Action item>
Where does the word "drawing" appear in the data? Copy every line that holds it.
Top of Source information
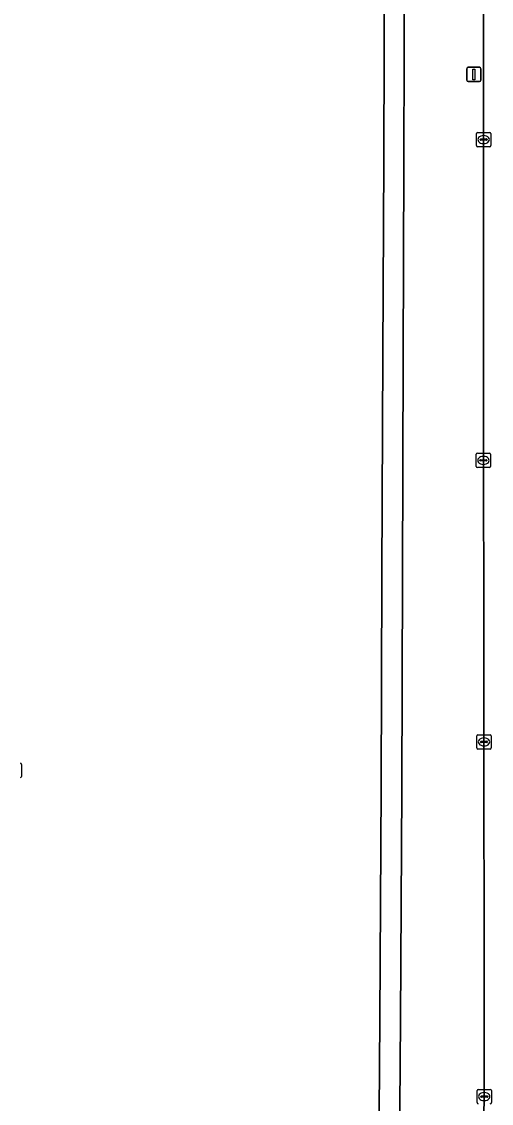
# Model space of a CAD drawing. Extents: x 161477 to 163040, y 383680 to 384871.
# Drawn here: x 162400.6 to 162433.6, y 384191.4 to 384267.3 of the extents above; entities that cross this region are included whole.
import ezdxf

# ---------------------------------------------------------------- set-up
doc = ezdxf.new("R2010")
doc.units = 0
for name, color, linetype in [('IMGEO_Berm_groen', 7, 'Continuous'), ('IMGEO_Groenvoorziening', 7, 'Continuous'), ('IMGEO_Kolk', 7, 'Continuous'), ('IMGEO_Rijbaan_lokaal_open', 7, 'Continuous'), ('IMGEO_Verkeersbordpaal', 7, 'Continuous'), ('IMGEO_Voetpad_open', 7, 'Continuous')]:
    doc.layers.add(name, color=color, linetype=linetype)

msp = doc.modelspace()

# ---------------------------------------------------------------- linework, layer by layer
at = {"layer": 'IMGEO_Berm_groen'}
for points in [[(162433.005, 384250), (162433.011, 384259.034), (162432.993, 384279.665), (162432.973, 384286.284), (162432.725, 384286.413), (162430.087, 384287.795), (162429.901, 384287.892), (162427.494, 384287.847), (162427.494, 384287.599), (162427.451, 384273.307), (162427.417, 384257.389), (162427.36, 384243.759), (162427.304, 384228.436), (162427.256, 384213.418), (162427.169, 384197.264), (162427.056, 384181.818), (162427.043, 384180.083)], [(162433.036, 384190.487), (162433.055, 384191.864), (162433.027, 384225.133), (162432.996, 384236.518), (162433.005, 384250)]]:
    msp.add_lwpolyline(points, dxfattribs=at)
at = {"layer": 'IMGEO_Groenvoorziening'}
msp.add_lwpolyline([(162425.605, 384180.743), (162425.718, 384197.318), (162425.826, 384213.508), (162425.866, 384228.515), (162425.939, 384243.976), (162426.005, 384257.564), (162426.056, 384273.335)], dxfattribs=at)
at = {"layer": 'IMGEO_Kolk'}
for p, q in [((162432.51, 384258.607), (162432.51, 384259.459)), ((162432.585, 384259.533), (162433.437, 384259.533)), ((162432.998, 384259.313), (162433.023, 384259.313)), ((162433.511, 384259.459), (162433.511, 384258.607)), ((162433.437, 384258.533), (162432.585, 384258.533)), ((162432.769, 384259.027), (162432.769, 384259.039)), ((162433.207, 384258.99), (162432.809, 384258.99)), ((162432.812, 384259.076), (162433.21, 384259.076)), ((162433.021, 384258.753), (162432.996, 384258.753)), ((162433.253, 384259.039), (162433.253, 384259.027)), ((162432.495, 384236.091), (162432.495, 384236.943)), ((162432.57, 384237.017), (162433.422, 384237.017)), ((162432.754, 384236.511), (162432.754, 384236.523)), ((162433.192, 384236.474), (162432.794, 384236.474)), ((162432.797, 384236.56), (162433.195, 384236.56)), ((162432.983, 384236.797), (162433.008, 384236.797)), ((162433.238, 384236.523), (162433.238, 384236.511)), ((162433.496, 384236.943), (162433.496, 384236.091)), ((162433.422, 384236.017), (162432.57, 384236.017)), ((162433.006, 384236.237), (162432.981, 384236.237)), ((162432.536, 384216.333), (162432.536, 384217.185)), ((162432.611, 384217.259), (162433.463, 384217.259)), ((162432.795, 384216.753), (162432.795, 384216.765)), ((162433.233, 384216.716), (162432.835, 384216.716)), ((162432.838, 384216.802), (162433.236, 384216.802)), ((162433.024, 384217.039), (162433.049, 384217.039)), ((162433.279, 384216.765), (162433.279, 384216.753)), ((162433.537, 384217.185), (162433.537, 384216.333)), ((162433.463, 384216.259), (162432.611, 384216.259)), ((162433.047, 384216.479), (162433.022, 384216.479)), ((162400.564, 384215.179), (162400.564, 384214.327)), ((162432.629, 384192.363), (162433.481, 384192.363)), ((162432.554, 384191.437), (162432.554, 384192.289)), ((162432.813, 384191.857), (162432.813, 384191.869)), ((162433.251, 384191.82), (162432.853, 384191.82)), ((162432.856, 384191.906), (162433.254, 384191.906)), ((162433.042, 384192.143), (162433.067, 384192.143)), ((162433.297, 384191.869), (162433.297, 384191.857)), ((162433.555, 384192.289), (162433.555, 384191.437)), ((162433.065, 384191.583), (162433.04, 384191.583))]:
    msp.add_line(p, q, dxfattribs=at)
for points in [[(162432.51, 384258.607), (162432.51, 384259.459)], [(162432.585, 384259.533), (162433.437, 384259.533)], [(162433.511, 384259.459), (162433.511, 384258.607)], [(162433.437, 384258.533), (162432.585, 384258.533)], [(162432.495, 384236.091), (162432.495, 384236.943)], [(162432.57, 384237.017), (162433.422, 384237.017)], [(162433.496, 384236.943), (162433.496, 384236.091)], [(162433.422, 384236.017), (162432.57, 384236.017)], [(162432.536, 384216.333), (162432.536, 384217.185)], [(162432.611, 384217.259), (162433.463, 384217.259)], [(162433.537, 384217.185), (162433.537, 384216.333)], [(162433.463, 384216.259), (162432.611, 384216.259)], [(162400.564, 384215.179), (162400.564, 384214.327)], [(162432.629, 384192.363), (162433.481, 384192.363)], [(162432.554, 384191.437), (162432.554, 384192.289)], [(162433.555, 384192.289), (162433.555, 384191.437)]]:
    msp.add_lwpolyline(points, dxfattribs=at)
for centre, radius, start, end in [((162432.587, 384259.457), 0.0765, 91.55205, 178.44795), ((162432.587, 384259.457), 0.0765, 91.55205, 178.44795), ((162433.435, 384259.457), 0.0765, 1.55205, 88.44795), ((162433.435, 384259.457), 0.0765, 1.55205, 88.44795), ((162432.587, 384258.609), 0.0765, 181.55205, 268.44795), ((162432.587, 384258.609), 0.0765, 181.55205, 268.44795), ((162432.809, 384259.036), 0.0403, 85.87752, 175.75265), ((162432.806, 384259.026), 0.0366, 178.93798, 274.71019), ((162433.21, 384259.033), 0.043, 264.86636, 352.45326), ((162433.214, 384259.038), 0.0386, 1.73085, 96.63898), ((162433.435, 384258.609), 0.0765, 271.55205, 358.44795), ((162433.435, 384258.609), 0.0765, 271.55205, 358.44795), ((162432.572, 384236.941), 0.0765, 91.55205, 178.44795), ((162432.572, 384236.941), 0.0765, 91.55205, 178.44795), ((162432.794, 384236.52), 0.0403, 85.87752, 175.75265), ((162432.791, 384236.51), 0.0366, 178.93798, 274.71019), ((162433.195, 384236.517), 0.043, 264.86636, 352.45326), ((162433.199, 384236.522), 0.0386, 1.73085, 96.63898), ((162433.42, 384236.941), 0.0765, 1.55205, 88.44795), ((162433.42, 384236.941), 0.0765, 1.55205, 88.44795), ((162432.572, 384236.093), 0.0765, 181.55205, 268.44795), ((162432.572, 384236.093), 0.0765, 181.55205, 268.44795), ((162433.42, 384236.093), 0.0765, 271.55205, 358.44795), ((162433.42, 384236.093), 0.0765, 271.55205, 358.44795), ((162432.613, 384217.183), 0.0765, 91.55205, 178.44795), ((162432.613, 384217.183), 0.0765, 91.55205, 178.44795), ((162432.835, 384216.762), 0.0403, 85.87752, 175.75265), ((162432.832, 384216.752), 0.0366, 178.93798, 274.71019), ((162433.236, 384216.759), 0.043, 264.86636, 352.45326), ((162433.24, 384216.764), 0.0386, 1.73085, 96.63898), ((162433.461, 384217.183), 0.0765, 1.55205, 88.44795), ((162433.461, 384217.183), 0.0765, 1.55205, 88.44795), ((162432.613, 384216.335), 0.0765, 181.55205, 268.44795), ((162432.613, 384216.335), 0.0765, 181.55205, 268.44795), ((162433.461, 384216.335), 0.0765, 271.55205, 358.44795), ((162433.461, 384216.335), 0.0765, 271.55205, 358.44795), ((162400.488, 384215.177), 0.0765, 1.55205, 88.44795), ((162400.488, 384215.177), 0.0765, 1.55205, 88.44795), ((162400.488, 384214.329), 0.0765, 271.55205, 358.44795), ((162400.488, 384214.329), 0.0765, 271.55205, 358.44795), ((162432.631, 384192.287), 0.0765, 91.55205, 178.44795), ((162432.631, 384192.287), 0.0765, 91.55205, 178.44795), ((162433.479, 384192.287), 0.0765, 1.55205, 88.44795), ((162433.479, 384192.287), 0.0765, 1.55205, 88.44795), ((162432.853, 384191.866), 0.0403, 85.87752, 175.75265), ((162432.85, 384191.856), 0.0366, 178.93798, 274.71019), ((162433.254, 384191.863), 0.043, 264.86636, 352.45326), ((162433.258, 384191.868), 0.0386, 1.73085, 96.63898), ((162432.631, 384191.439), 0.0765, 181.55205, 268.44795), ((162432.631, 384191.439), 0.0765, 181.55205, 268.44795), ((162433.479, 384191.439), 0.0765, 271.55205, 358.44795), ((162433.479, 384191.439), 0.0765, 271.55205, 358.44795)]:
    msp.add_arc(centre, radius, start, end, dxfattribs=at)
for centre, major_axis, ratio, start_param, end_param in [((162432.997, 384259.033), (-0.387, 0.002), 0.722429, 4.712389, 7.853982), ((162433.022, 384259.033), (-0.39, 0.002), 0.717154, 1.570796, 4.712389), ((162432.982, 384236.517), (-0.387, 0.002), 0.722429, 4.712389, 7.853982), ((162433.007, 384236.517), (-0.39, 0.002), 0.717154, 1.570796, 4.712389), ((162433.023, 384216.759), (-0.387, 0.002), 0.722429, 4.712389, 7.853982), ((162433.048, 384216.759), (-0.39, 0.002), 0.717154, 1.570796, 4.712389), ((162433.041, 384191.863), (-0.387, 0.002), 0.722429, 4.712389, 7.853982), ((162433.066, 384191.863), (-0.39, 0.002), 0.717154, 1.570796, 4.712389)]:
    msp.add_ellipse(centre, major_axis=major_axis, ratio=ratio, start_param=start_param, end_param=end_param, dxfattribs=at)
at = {"layer": 'IMGEO_Rijbaan_lokaal_open'}
msp.add_lwpolyline([(162432.901, 384361.759), (162432.809, 384342.236), (162432.827, 384339.683), (162432.926, 384328.684), (162432.984, 384321.099), (162432.992, 384315.186), (162432.982, 384292.339), (162432.981, 384290.794), (162432.968, 384287.95), (162432.973, 384286.284), (162432.993, 384279.665), (162433.011, 384259.034), (162433.005, 384250), (162432.996, 384236.518), (162433.027, 384225.133), (162433.055, 384191.864), (162433.036, 384190.487)], dxfattribs=at)
at = {"layer": 'IMGEO_Verkeersbordpaal'}
for p, q in [((162431.825, 384263.21), (162431.825, 384264.01)), ((162431.825, 384264.01), (162431.825, 384263.21)), ((162431.925, 384264.11), (162432.715, 384264.11)), ((162432.715, 384264.11), (162431.925, 384264.11)), ((162432.815, 384264.01), (162432.815, 384263.21)), ((162432.815, 384263.21), (162432.815, 384264.01)), ((162432.715, 384263.11), (162431.925, 384263.11)), ((162431.925, 384263.11), (162432.715, 384263.11))]:
    msp.add_line(p, q, dxfattribs=at)
msp.add_lwpolyline([(162432.245, 384263.985), (162432.395, 384263.985), (162432.395, 384263.235), (162432.245, 384263.235), (162432.245, 384263.985)], dxfattribs=at)
for centre, start, end in [((162431.925, 384264.01), 90, 180), ((162431.925, 384264.01), 90, 180), ((162432.715, 384264.01), 0, 90), ((162432.715, 384264.01), 360, 90), ((162431.925, 384263.21), 180, 270), ((162431.925, 384263.21), 180, 270), ((162432.715, 384263.21), 270, 0), ((162432.715, 384263.21), 270, 0)]:
    msp.add_arc(centre, 0.1, start, end, dxfattribs=at)
at = {"layer": 'IMGEO_Voetpad_open'}
msp.add_lwpolyline([(162427.056, 384181.818), (162427.169, 384197.264), (162427.256, 384213.418), (162427.304, 384228.436), (162427.36, 384243.759), (162427.417, 384257.389), (162427.451, 384273.307), (162427.494, 384287.599), (162427.494, 384287.847), (162426.079, 384287.821), (162426.078, 384287.132), (162426.056, 384273.335), (162426.005, 384257.564), (162425.939, 384243.976), (162425.866, 384228.515), (162425.826, 384213.508), (162425.718, 384197.318), (162425.605, 384180.743)], dxfattribs=at)

doc.saveas('drawing.dxf')
Bottom of Source information
Exercise solution>
# Model space of a CAD drawing. Extents: x 161477 to 163040, y 383680 to 384871.
doc.saveas('drawing.dxf')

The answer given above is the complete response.